The PaaS/IaaS distinction can sometimes be grey (in part because companies tend to use marketing jargon that portrays IaaS type services as maintenance free). From a small business perspective its quite clear though. If a service involves the SMB spend time maintaining rather than developing, its in the IaaS camp. Since I'm a single developer with limited time, a PaaS model for all services would be preferable. The ideal would be all services (web hosting, database, email, etc are offered as a zero maintenance scalable service rather than have to spin up and manage individual instances.
I find AWS can do everything but a drawback is that one still needs to manage instances (i.e. I would need to keep the software on instances updated, track instances, manage network, security, etc.) S3 doesn't process scripts. AWS Beanstalk and Optworks are still essentially mostly helper apps for starting up an IaaS type environment. (whereas say DynamoDB would count as a PaaS type service). Recently Microsoft has dropped prices on Azure which makes it an attractive alternative
In short, I am looking for a list of services offered by Azure which are actually no maintenance services that don't require I patch software or need to spin up instances to handle traffic spikes (e.g. web hosting, script processing, database, email, etc..)
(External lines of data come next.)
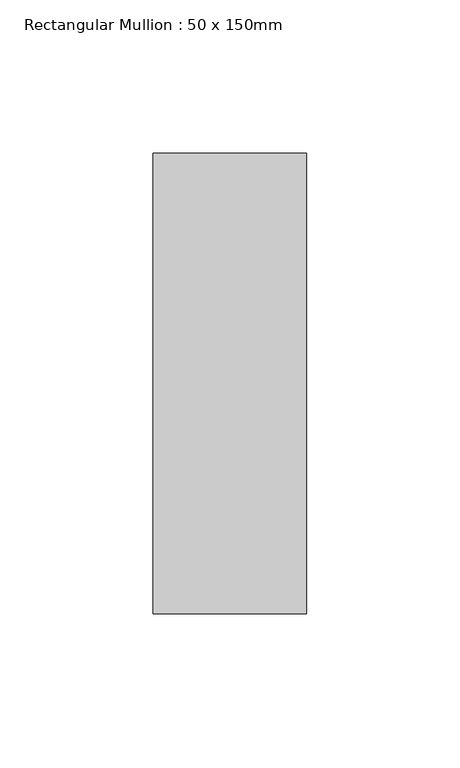
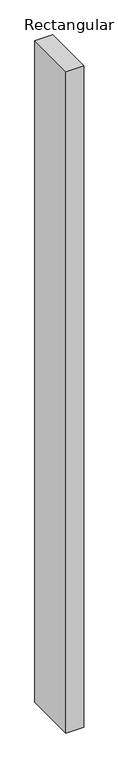
"""IFC4 building model written with IfcOpenShell, lengths in millimetres: member geometry, Rectangular Mullion : 50 x 150mm."""

from ifc_helpers import new_model, si_unit, frame, origin, place, context, project, spatial, polyline, outline, extrude, source, transform, mapped, element, save


def rectangular_mullion_50_x_150mm_825cde95(model_context):
    return source(origin(), model_context, "Body", "SweptSolid", [
        extrude(outline(polyline([(25.0, 75.0), (25.0, -75.0), (-25.0, -75.0), (-25.0, 75.0), (25.0, 75.0)])), frame((0.0, 0.0, -1948.3666666), z_axis=(0.0, 0.0, 1.0), x_axis=(1.0, 0.0, 0.0)), (0.0, 0.0, 1.0), 1948.3666666),
    ])


if __name__ == "__main__":
    model = new_model("IFC4")
    model_context = context("Model", 3, world=origin())
    ifc_project = project(units=[si_unit("LENGTHUNIT", "METRE", prefix="MILLI")], contexts=[model_context])
    site = spatial("IfcSite", under=ifc_project)
    building = spatial("IfcBuilding", under=site)
    placement = place(None, origin())
    rectangular_mullion_50_x_150mm_shape = rectangular_mullion_50_x_150mm_825cde95(model_context)
    element("IfcMember", 1, ObjectType="Rectangular Mullion : 50 x 150mm", at=placement, inside=building, context=model_context, shape_type="MappedRepresentation", body=[
        mapped(rectangular_mullion_50_x_150mm_shape, transform((0.0, 0.0, 0.0), x_axis=(1.0, 0.0, 0.0), y_axis=(0.0, 1.0, 0.0), z_axis=(0.0, 0.0, 1.0))),
    ])
    save(model, "model.ifc")

# Revit data of these elements
# Type "Rectangular Mullion : 50 x 150mm"
#   built-in parameter 1007304 = 0.492126 (stored number, unit not read)
#   built-in parameter 1007301 = 0.082021 (stored number, unit not read)
#   built-in parameter 1007300 = 0.082021 (stored number, unit not read)
# Element 1 (IfcMember, "Rectangular Mullion : 50 x 150mm")
#   Materials on its faces: "Metal - Aluminium"
# Materials
#   "Metal - Aluminium": class "Metal", colour RGB 247 247 247, transparency 0

web hosting, database, email, storage, security, some way to process ASP.NET but with high availability and load-balanced
All of the above are standard features which any matured cloud provider will have in the toolkit. In regards to MSFT Azure:
For web hosting - you have PaaS solutions such as App service plan
and App service environment. The upkeep of the platform (as the name suggests) is with Azure but note that any components that you deploy as part of the package belong to dev and test teams respectively
For database and storage - for a complete PaaS solution you have Azure SQL Server Database and Azure SQL Server Managed Instances, but as I said earlier you will anyways have to own any custom deployment (security policies, VNET injection and IAM's yourself)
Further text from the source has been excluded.